Task statement - Copy out every line of the material below, character for character, apart from the pictures.
☆ ☆ ☆
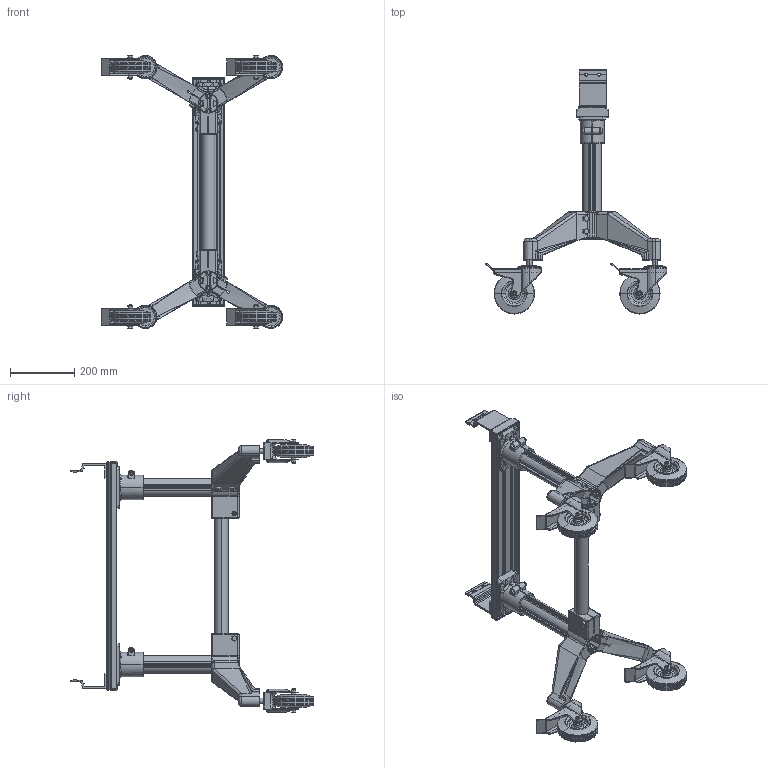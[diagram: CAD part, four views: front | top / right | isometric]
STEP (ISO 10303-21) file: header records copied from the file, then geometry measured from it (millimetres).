
FILE_DESCRIPTION (( 'STEP AP214' ), '1' );
FILE_NAME ('F2-2400-2P2-120R.STEP', '2010-03-11T12:33:01', ( '.' ), ( '' ), 'SwSTEP 2.0', 'SolidWorks 2009', '' );
FILE_SCHEMA (( 'AUTOMOTIVE_DESIGN' ));
Length unit declared in the file: millimetre
Products named in the file (1): F2-2400-2P2-120R
Bounding box: 563.55 x 757.65 x 851.5 mm (x, y, z)
Surface area: 1601457.4 mm2 (no closed solid volume)
Topology: 0 solids, 27 shells, 1871 faces, 5198 edges, 3312 vertices
Faces by surface type: plane 683, cylinder 629, torus 332, bspline 145, cone 68, sphere 14
Entity records: 110204 total; most frequent: CARTESIAN_POINT 43135, DIRECTION 9902, ORIENTED_EDGE 9184, EDGE_CURVE 5174, AXIS2_PLACEMENT_3D 3684, VERTEX_POINT 3312, VECTOR 2534, LINE 2534
☆ ☆ ☆
Solution for this exercise -
[diagram: CAD part, four views: front | top / right | isometric]
STEP (ISO 10303-21) file: header records copied from the file, then geometry measured from it (millimetres).
FILE_DESCRIPTION (( 'STEP AP214' ), '1' );
FILE_NAME ('F2-2400-2P2-120R.STEP', '2010-03-11T12:33:01', ( '.' ), ( '' ), 'SwSTEP 2.0', 'SolidWorks 2009', '' );
FILE_SCHEMA (( 'AUTOMOTIVE_DESIGN' ));
Length unit declared in the file: millimetre
Products named in the file (1): F2-2400-2P2-120R
Bounding box: 563.55 x 757.65 x 851.5 mm (x, y, z)
Surface area: 1601457.4 mm2 (no closed solid volume)
Topology: 0 solids, 27 shells, 1871 faces, 5198 edges, 3312 vertices
Faces by surface type: plane 683, cylinder 629, torus 332, bspline 145, cone 68, sphere 14
Entity records: 110204 total; most frequent: CARTESIAN_POINT 43135, DIRECTION 9902, ORIENTED_EDGE 9184, EDGE_CURVE 5174, AXIS2_PLACEMENT_3D 3684, VERTEX_POINT 3312, VECTOR 2534, LINE 2534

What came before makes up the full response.